Full episode drops next week!

JOE: We've been talking about China on and off for over 20 years, and their imbalances. This week the President declared trade war on them, effectively, with 125% tariffs as of now; it'll probably change in the next few days. What do you think of the trade and tariff policy? What's gonna happen? Bond yields sold off more than I expected. The yields went higher than I expected so far. What's going on?

PETER: I'm hesitant to comment since obviously it's a very, very fluid situation, but something like the sort of reset that they're talking about now seems where we're going, where you need a very drastic reset with China. In theory you need to reset with other people, but what we really need to get them to do is also reset things with China.

I think the rough numbers are that about a quarter of the US trade deficit is bilaterally with China, but another quarter is indirectly with China. So China is sort of half the problem...

And then China is the geopolitical rival.

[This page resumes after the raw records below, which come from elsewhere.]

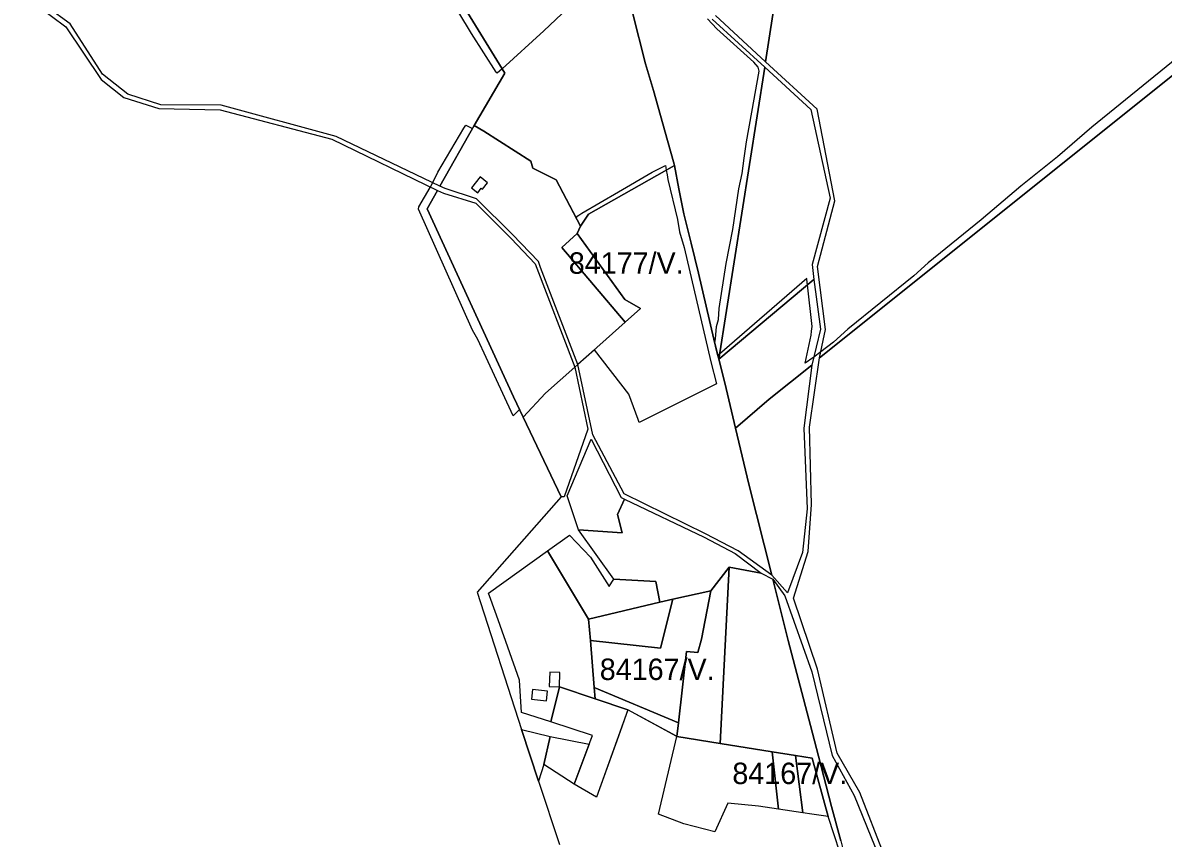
# Model space of a CAD drawing. Extents: x -477304 to -465429, y -1159113 to -1149210.
# Drawn here: x -470954 to -470157, y -1158279 to -1157709 of the extents above; entities that cross this region are included whole.
import ezdxf

# ---------------------------------------------------------------- set-up
doc = ezdxf.new("R2010")
doc.units = 0
for name, color, linetype in [('BPEJ_s', 7, 'Continuous'), ('orna_s', 7, 'Continuous'), ('PUPFL_s', 7, 'Continuous'), ('trav_porost_s', 7, 'Continuous')]:
    doc.layers.add(name, color=color, linetype=linetype)

msp = doc.modelspace()

# ---------------------------------------------------------------- linework, layer by layer
at = {"layer": 'BPEJ_s'}
for points in [[(-470565.11, -1157690.28), (-470590.21, -1157714.31), (-470619.3, -1157740.79), (-470622.86, -1157744.04), (-470623.39, -1157743.23), (-470640.82, -1157716.22), (-470693.14, -1157629.02)], [(-470565.11, -1157690.28), (-470590.21, -1157714.31), (-470619.3, -1157740.79), (-470622.86, -1157744.04), (-470623.39, -1157743.23), (-470640.82, -1157716.22), (-470693.14, -1157629.02)], [(-470256.73, -1157822.99), (-470284.38, -1157846.59), (-470321.38, -1157876.58), (-470331.59, -1157885.73), (-470377.74, -1157922.95), (-470387.74, -1157932.09), (-470396.53, -1157938.81), (-470401.53, -1157942.63), (-470402.2, -1157943.15), (-470407.45, -1157946.66), (-470403.26, -1157927.2), (-470402.97, -1157924.42), (-470402.63, -1157921.24), (-470405.89, -1157891.89), (-470406.03, -1157890.62), (-470406.36, -1157887.63), (-470467.28, -1157940.48), (-470468.45, -1157941.5), (-470469.82, -1157935.97), (-470470.74, -1157932.27), (-470470.26, -1157929.75), (-470469.41, -1157921.24), (-470468.13, -1157916.14), (-470467.7, -1157908.48), (-470462.6, -1157877.01), (-470458.14, -1157853.19), (-470453.88, -1157824.9), (-470451.54, -1157814.05), (-470450.11, -1157803.42), (-470448.57, -1157791.94), (-470444.79, -1157771.09), (-470439.63, -1157742.6), (-470440.27, -1157739.62), (-470443.46, -1157736.21), (-470469.19, -1157712.82), (-470475.79, -1157706.01)], [(-470131.67, -1157720.26), (-470206.96, -1157781.73), (-470231, -1157802.36), (-470256.73, -1157822.99), (-470284.38, -1157846.59), (-470321.38, -1157876.58), (-470331.59, -1157885.73), (-470377.74, -1157922.95), (-470387.74, -1157932.09), (-470396.53, -1157938.81), (-470401.53, -1157942.63), (-470402.2, -1157943.15), (-470407.45, -1157946.66), (-470403.26, -1157927.2), (-470402.97, -1157924.42), (-470402.63, -1157921.24), (-470405.89, -1157891.89), (-470406.03, -1157890.62), (-470406.36, -1157887.63), (-470467.28, -1157940.48), (-470468.45, -1157941.5), (-470469.82, -1157935.97), (-470470.74, -1157932.27), (-470470.26, -1157929.75), (-470469.41, -1157921.24), (-470468.13, -1157916.14), (-470467.7, -1157908.48), (-470462.6, -1157877.01), (-470458.14, -1157853.19), (-470453.88, -1157824.9), (-470451.54, -1157814.05), (-470450.11, -1157803.42), (-470448.57, -1157791.94), (-470444.79, -1157771.09), (-470439.63, -1157742.6), (-470440.27, -1157739.62), (-470443.46, -1157736.21), (-470469.19, -1157712.82), (-470475.79, -1157706.01)], [(-470131.67, -1157720.26), (-470206.96, -1157781.73), (-470231, -1157802.36), (-470256.73, -1157822.99)], [(-470636.36, -1157930.18), (-470639.98, -1157923.58), (-470677.83, -1157839.15), (-470677.62, -1157837.45), (-470669.54, -1157823.84), (-470669.37, -1157823.51), (-470667.85, -1157820.46), (-470664.22, -1157813.2), (-470646.05, -1157782.36), (-470644.79, -1157780.22), (-470640.06, -1157782.56), (-470638.9, -1157780.51), (-470632.15, -1157784.5), (-470599.24, -1157805.5), (-470597.89, -1157810.47), (-470581.48, -1157818.55), (-470567.55, -1157845.03), (-470566.39, -1157843.83), (-470563.62, -1157841.92), (-470537.98, -1157826.93), (-470514.5, -1157813.2), (-470505.19, -1157808.43), (-470504.95, -1157809.8), (-470504.61, -1157811.73), (-470504.03, -1157814.98), (-470503.43, -1157818.31), (-470496.63, -1157846.38), (-470495.35, -1157854.89), (-470492.16, -1157865.95), (-470473.35, -1157945.75), (-470469.38, -1157961.32), (-470523.5, -1157988.27), (-470524.28, -1157986.11), (-470530.66, -1157968.46), (-470554.77, -1157937.36), (-470566.33, -1157947.76), (-470568.53, -1157949.65), (-470589.04, -1157967.75), (-470604.59, -1157984.62), (-470607.14, -1157979.28), (-470611.55, -1157983.59), (-470630.53, -1157942.73), (-470636.36, -1157930.18)], [(-470497.33, -1158207.7), (-470531.42, -1158189.17), (-470538.05, -1158207.71), (-470553.27, -1158250.3), (-470568.87, -1158241.28), (-470558.41, -1158213.21), (-470556.36, -1158207.71), (-470556.17, -1158207.2), (-470585.37, -1158197.74), (-470605.74, -1158191.15), (-470607.18, -1158168.6), (-470622.14, -1158126.25), (-470627.18, -1158112.02), (-470628.76, -1158107.54), (-470587.73, -1158078.09), (-470572.34, -1158067.03), (-470557.48, -1158082.58), (-470544.51, -1158102.98), (-470542.65, -1158099.89), (-470541.3, -1158097.9), (-470511.9, -1158099.54), (-470509.05, -1158113.95), (-470500.04, -1158111.92), (-470473.38, -1158105.91), (-470479.93, -1158139.75), (-470482.6, -1158149.09), (-470490.44, -1158148.42), (-470496.07, -1158198.34), (-470497.13, -1158207.71), (-470497.14, -1158207.81), (-470466.8, -1158212.72), (-470430.5, -1158218.59), (-470414.2, -1158221.23), (-470409.12, -1158261.24), (-470426.15, -1158258.76), (-470440.19, -1158256.72), (-470461.59, -1158254.61), (-470470.73, -1158274.59), (-470492.21, -1158269.04), (-470510.1, -1158262.32), (-470497.14, -1158207.81), (-470497.33, -1158207.7)]]:
    msp.add_lwpolyline(points, dxfattribs=at)
for points in [[(-470644.79, -1157780.22), (-470640.06, -1157782.56), (-470638.9, -1157780.51), (-470632.15, -1157784.5), (-470599.24, -1157805.5), (-470597.89, -1157810.47), (-470581.48, -1157818.55), (-470567.55, -1157845.03), (-470566.39, -1157843.83), (-470563.62, -1157841.92), (-470537.98, -1157826.93), (-470514.5, -1157813.2), (-470505.19, -1157808.43), (-470504.95, -1157809.8), (-470504.61, -1157811.73), (-470504.03, -1157814.98), (-470503.43, -1157818.31), (-470496.63, -1157846.38), (-470495.35, -1157854.89), (-470492.16, -1157865.95), (-470473.35, -1157945.75), (-470469.38, -1157961.32), (-470523.5, -1157988.27), (-470524.28, -1157986.11), (-470530.66, -1157968.46), (-470554.77, -1157937.36), (-470566.33, -1157947.76), (-470568.53, -1157949.65), (-470589.04, -1157967.75), (-470604.59, -1157984.62), (-470607.14, -1157979.28), (-470611.55, -1157983.59), (-470630.53, -1157942.73), (-470636.36, -1157930.18), (-470639.98, -1157923.58), (-470677.83, -1157839.15), (-470677.62, -1157837.45), (-470669.54, -1157823.84), (-470669.37, -1157823.51), (-470667.85, -1157820.46), (-470664.22, -1157813.2), (-470646.05, -1157782.36)], [(-470497.14, -1158207.81), (-470497.33, -1158207.7), (-470531.42, -1158189.17), (-470538.05, -1158207.71), (-470553.27, -1158250.3), (-470568.87, -1158241.28), (-470558.41, -1158213.21), (-470556.36, -1158207.71), (-470556.17, -1158207.2), (-470585.37, -1158197.74), (-470605.74, -1158191.15), (-470607.18, -1158168.6), (-470622.14, -1158126.25), (-470627.18, -1158112.02), (-470628.76, -1158107.54), (-470587.73, -1158078.09), (-470572.34, -1158067.03), (-470557.48, -1158082.58), (-470544.51, -1158102.98), (-470542.65, -1158099.89), (-470541.3, -1158097.9), (-470511.9, -1158099.54), (-470509.05, -1158113.95), (-470500.04, -1158111.92), (-470473.38, -1158105.91), (-470479.93, -1158139.75), (-470482.6, -1158149.09), (-470490.44, -1158148.42), (-470496.07, -1158198.34), (-470497.13, -1158207.71)], [(-470497.14, -1158207.81), (-470466.8, -1158212.72), (-470430.5, -1158218.59), (-470414.2, -1158221.23), (-470409.12, -1158261.24), (-470426.15, -1158258.76), (-470440.19, -1158256.72), (-470461.59, -1158254.61), (-470470.73, -1158274.59), (-470492.21, -1158269.04), (-470510.1, -1158262.32)]]:
    msp.add_lwpolyline(points, close=True, dxfattribs=at)
at = {"layer": 'orna_s'}
for points in [[(-470509.05, -1158113.95), (-470558.9, -1158125.88), (-470587.73, -1158078.09), (-470572.34, -1158067.03), (-470557.48, -1158082.58), (-470544.51, -1158102.98), (-470542.65, -1158099.89), (-470541.3, -1158097.9), (-470511.9, -1158099.54)], [(-470557.64, -1158140.88), (-470508.56, -1158146.21), (-470500.04, -1158111.92), (-470473.38, -1158105.91), (-470479.93, -1158139.75), (-470482.6, -1158149.09), (-470490.44, -1158148.42), (-470496.07, -1158198.34), (-470554.88, -1158173.61)], [(-470554.21, -1158181.59), (-470554.88, -1158173.61), (-470496.07, -1158198.34), (-470497.14, -1158207.81), (-470531.42, -1158189.17)], [(-470510.1, -1158262.32), (-470497.14, -1158207.81), (-470466.8, -1158212.72), (-470430.5, -1158218.59), (-470426.15, -1158258.76), (-470440.19, -1158256.72), (-470461.59, -1158254.61), (-470470.73, -1158274.59), (-470492.21, -1158269.04)]]:
    msp.add_lwpolyline(points, close=True, dxfattribs=at)
at = {"layer": 'PUPFL_s'}
for points in [[(-469953.75, -1157587.77), (-470397.36, -1157942.93), (-470393.35, -1157923.11), (-470398.91, -1157879.13), (-470386.81, -1157833.34), (-470399.11, -1157769.22), (-470435.1, -1157735.94), (-470422.41, -1157653.03), (-470289.38, -1157678.71), (-470130.85, -1157512.25), (-470093.8, -1157540.55), (-470069.07, -1157561.73), (-470055.43, -1157577.66), (-470017.66, -1157584.37), (-469968.17, -1157586.89)], [(-470467.83, -1157943.98), (-470435.69, -1157739.82), (-470403.45, -1157769.42), (-470390.11, -1157831.46), (-470402.54, -1157877.77), (-470401.5, -1157888.2)], [(-470558.95, -1157842.52), (-470498.93, -1157808.51), (-470495.9, -1157824.87), (-470492.21, -1157842.38), (-470487.17, -1157862.84), (-470481.98, -1157883.89), (-470471.3, -1157930.03), (-470468.21, -1157942.45), (-470467.87, -1157943.81), (-470467.83, -1157943.98), (-470463.7, -1157960.6), (-470456.14, -1157992.28), (-470446.8, -1158031.45), (-470430.79, -1158095.07), (-470454.41, -1158078.12), (-470477.12, -1158066.13), (-470533.93, -1158038.27), (-470556.03, -1157996.81), (-470566.33, -1157947.76), (-470533.32, -1157918.07), (-470522.57, -1157908.58), (-470533.57, -1157902.29), (-470566.95, -1157856.19), (-470564.43, -1157850.96)], [(-470577.59, -1157865.93), (-470566.95, -1157856.19), (-470533.57, -1157902.29), (-470522.57, -1157908.58), (-470533.32, -1157918.07)], [(-470396.71, -1157922.98), (-470402.86, -1157948.08), (-470432.58, -1157971.85), (-470456.14, -1157992.28), (-470463.7, -1157960.6), (-470467.83, -1157943.98), (-470401.5, -1157888.2)], [(-470577.98, -1158040.28), (-470604.59, -1157984.62), (-470589.04, -1157967.75), (-470568.53, -1157949.65), (-470559.37, -1157993.05), (-470576, -1158040.32)], [(-470456.14, -1157992.28), (-470432.58, -1157971.85), (-470402.86, -1157948.08), (-470408.4, -1157992.22), (-470406.13, -1158048.66), (-470409.37, -1158079.1), (-470419.92, -1158107.4), (-470430.79, -1158095.07), (-470446.8, -1158031.45)], [(-470536.21, -1158040.71), (-470533.83, -1158041.85), (-470538.74, -1158052.72), (-470535.43, -1158065.38), (-470565.98, -1158063.29), (-470573.91, -1158039.67), (-470557.14, -1157999.83)], [(-470535.43, -1158065.38), (-470538.74, -1158052.72), (-470533.83, -1158041.85), (-470478.08, -1158068.47), (-470456.46, -1158079.91), (-470438.26, -1158093.62), (-470460.61, -1158089.39), (-470473.38, -1158105.91), (-470500.04, -1158111.92), (-470509.05, -1158113.95), (-470511.9, -1158099.54), (-470541.3, -1158097.9), (-470565.98, -1158063.29)], [(-470496.07, -1158198.34), (-470490.44, -1158148.42), (-470482.6, -1158149.09), (-470479.93, -1158139.75), (-470473.38, -1158105.91), (-470460.61, -1158089.39), (-470466.8, -1158212.72), (-470497.14, -1158207.81)], [(-470414.2, -1158221.23), (-470430.5, -1158218.59), (-470466.8, -1158212.72), (-470460.61, -1158089.39), (-470438.26, -1158093.62), (-470430.06, -1158097.97), (-470419.29, -1158140.76), (-470403.7, -1158200.12), (-470398.18, -1158221.77), (-470389.18, -1158256.77), (-470382.52, -1158280.8), (-470377.36, -1158301.37), (-470379.16, -1158301.69), (-470391.35, -1158263.82), (-470402.58, -1158223.11)], [(-470593.85, -1158239.19), (-470605.84, -1158202.98), (-470585.68, -1158207.92), (-470590.11, -1158227.54)], [(-470558.41, -1158213.21), (-470568.87, -1158241.28), (-470590.11, -1158227.54), (-470585.68, -1158207.92)], [(-470402.72, -1158262.17), (-470409.12, -1158261.24), (-470414.2, -1158221.23), (-470402.58, -1158223.11), (-470391.35, -1158263.82)]]:
    msp.add_lwpolyline(points, close=True, dxfattribs=at)
for points in [[(-470733.12, -1157555.79), (-470617.41, -1157743.87), (-470638.9, -1157780.51), (-470662.85, -1157822.85), (-470735.39, -1157788.14), (-470815.7, -1157766.33), (-470857.89, -1157765.99), (-470881.12, -1157758.63), (-470898.75, -1157744.52), (-470921.41, -1157709.53), (-470953.47, -1157685.89)], [(-470528.24, -1157701.39), (-470519.18, -1157737.38), (-470513.62, -1157756), (-470503.67, -1157791.09), (-470499.11, -1157807.54), (-470498.93, -1157808.51), (-470558.95, -1157842.52), (-470564.43, -1157850.96), (-470581.48, -1157818.55), (-470597.89, -1157810.47), (-470599.24, -1157805.5), (-470632.15, -1157784.5), (-470638.9, -1157780.51), (-470617.41, -1157743.87), (-470733.12, -1157555.79)], [(-470078.41, -1158820.73), (-470257.15, -1158848.93), (-470272.61, -1158754.31), (-470276.33, -1158733.34), (-470280.8, -1158710.29), (-470284.69, -1158701.09), (-470290.32, -1158667.6), (-470297.12, -1158595.39), (-470303.98, -1158531.66), (-470313.56, -1158465.47), (-470315.31, -1158415.08), (-470321.2, -1158362.1), (-470352.34, -1158290.86), (-470369.23, -1158247.07), (-470385.09, -1158219.48), (-470398.95, -1158160.87), (-470415.65, -1158111.06), (-470405.49, -1158078.61), (-470403.09, -1158045.71), (-470404.35, -1157991.63), (-470397.36, -1157942.93), (-469953.75, -1157587.77)], [(-470422.41, -1157653.03), (-470435.1, -1157735.94), (-470470.19, -1157703.49)], [(-470954.43, -1157688.91), (-470924.46, -1157711.56), (-470899.71, -1157748.42), (-470883.78, -1157760.98), (-470859.25, -1157768.72), (-470816.34, -1157769.64), (-470738.38, -1157790.19), (-470664.43, -1157825.9), (-470671.83, -1157838.77), (-470611.42, -1157970.34), (-470604.59, -1157984.62), (-470577.98, -1158040.28), (-470636.67, -1158106.87), (-470605.84, -1158202.98), (-470593.85, -1158239.19), (-470579.16, -1158283.52)], [(-470472.59, -1157706.14), (-470435.69, -1157739.82), (-470467.83, -1157943.98), (-470467.87, -1157943.81), (-470468.21, -1157942.45), (-470471.3, -1157930.03), (-470481.98, -1157883.89), (-470487.17, -1157862.84), (-470492.21, -1157842.38), (-470495.9, -1157824.87), (-470498.93, -1157808.51), (-470499.11, -1157807.54), (-470503.67, -1157791.09), (-470513.62, -1157756), (-470519.18, -1157737.38), (-470528.24, -1157701.39)], [(-470382.52, -1158280.8), (-470389.18, -1158256.77), (-470398.18, -1158221.77), (-470403.7, -1158200.12), (-470419.29, -1158140.76), (-470430.06, -1158097.97), (-470421.8, -1158109.41), (-470402.83, -1158162.65), (-470388.59, -1158221.26), (-470373.12, -1158249.08), (-470349.94, -1158306.53)]]:
    msp.add_lwpolyline(points, dxfattribs=at)
at = {"layer": 'trav_porost_s'}
for points in [[(-470593.99, -1157875.72), (-470612.13, -1157856.82), (-470637.2, -1157831.92), (-470659.06, -1157824.68), (-470662.85, -1157822.85), (-470638.9, -1157780.51), (-470632.15, -1157784.5), (-470599.24, -1157805.5), (-470597.89, -1157810.47), (-470581.48, -1157818.55), (-470564.43, -1157850.96), (-470566.95, -1157856.19), (-470577.59, -1157865.93), (-470533.32, -1157918.07), (-470566.33, -1157947.76), (-470592.43, -1157879.79)], [(-470640.74, -1157824.23), (-470636.42, -1157827.58), (-470633.91, -1157824.34), (-470632.96, -1157825.08), (-470629.46, -1157820.56), (-470634.74, -1157816.47)], [(-470637.64, -1157834.8), (-470613.01, -1157859.63), (-470596.35, -1157877.23), (-470568.53, -1157949.65), (-470589.04, -1157967.75), (-470604.59, -1157984.62), (-470611.42, -1157970.34), (-470671.83, -1157838.77), (-470664.43, -1157825.9), (-470660.38, -1157827.8)], [(-470585.37, -1158197.74), (-470605.74, -1158191.15), (-470607.18, -1158168.6), (-470622.14, -1158126.25), (-470627.18, -1158112.02), (-470628.76, -1158107.54), (-470587.73, -1158078.09), (-470558.9, -1158125.88), (-470557.64, -1158140.88), (-470554.88, -1158173.61), (-470554.21, -1158181.59), (-470579.34, -1158173.23), (-470579.01, -1158163.09), (-470586.08, -1158162.86), (-470586.41, -1158173), (-470579.34, -1158173.23)], [(-470509.05, -1158113.95), (-470500.04, -1158111.92), (-470508.56, -1158146.21), (-470557.64, -1158140.88), (-470558.9, -1158125.88)], [(-470598.86, -1158181.76), (-470588.41, -1158182.91), (-470587.67, -1158176.18), (-470598.12, -1158175.03)], [(-470558.41, -1158213.21), (-470556.17, -1158207.2), (-470585.37, -1158197.74), (-470579.34, -1158173.23), (-470554.21, -1158181.59), (-470531.42, -1158189.17), (-470553.27, -1158250.3), (-470568.87, -1158241.28)], [(-470430.5, -1158218.59), (-470414.2, -1158221.23), (-470409.12, -1158261.24), (-470426.15, -1158258.76)]]:
    msp.add_lwpolyline(points, close=True, dxfattribs=at)

# ---------------------------------------------------------------- texts
at = {"layer": 'BPEJ_s'}
for s, p in [('84177/V.', (-470572.73, -1157884.25)), ('84167/V.', (-470551.07, -1158168.4)), ('84167/V.', (-470458.37, -1158241.2))]:
    msp.add_text(s, height=15, dxfattribs=at).set_placement(p)

doc.saveas('drawing.dxf')

So there's a way in which people in Mercedes in Germany are selling cars to the US. We might want to have those pretty well paying jobs in the US and, and not in Germany. And there are all kinds of sort of mercantilist policies that at the margins Germany engages in.

But, you know, it's probably not gonna repurpose the Mercedes factory to build tanks to invade the US or something like this. Whereas this sort of dual use problem is the problem with China.

...There are ways the economic relationship with China is fairly efficient.... if people are working for a dollar and a half an hour in a Foxconn factory, we don't really want to get those jobs in Wisconsin. But it is this geopolitical rivalry where... you have to somehow factor in that the economists never are able to factor in properly with China.

I'm not sure I would call this the optimistic plan, but the reset in trade that seems desirable to me would be that we radically changed the relationship with China and we sort of induce a lot of other countries to radically change their relationship with China.

And that's how we, you know, maybe that's how we build a stronger western alliance of the free world.

JOE: Well there's going to be some interesting negotiations in the next few months. Did you think that we could bring, maybe using AI, some more advanced manufacturing here that was in China? Is that a real thing the next decade to do a bunch more here, thanks to our more efficiencies and productivity?

PETER: There's probably always a decent amount of things like that. You have to always be extremely granular on how expensive the robots are, how expensive the equipment is, because in some sense, manufacturing has been getting steadily more automated for 250 years.

And you've had the machines that make the machines. The machines that make the machines are getting sort of smarter and more complicated. And there are ways in which AI is a quantum leap. There's a way in which it's just, you know, a natural continuation of this, you know, two century long process.

I think there are some parts that can be moved to the US with AI. Maybe also if you change some of the environmental rules and some of the other anti-industrial policies we have in the US. But then if parts of this are moved to other emerging market countries. Vietnam is a communist country. It has bad mercantilist policies, but it's not planning to take over the world. And so at the margins, if we can move things from China to Vietnam, that's a big win.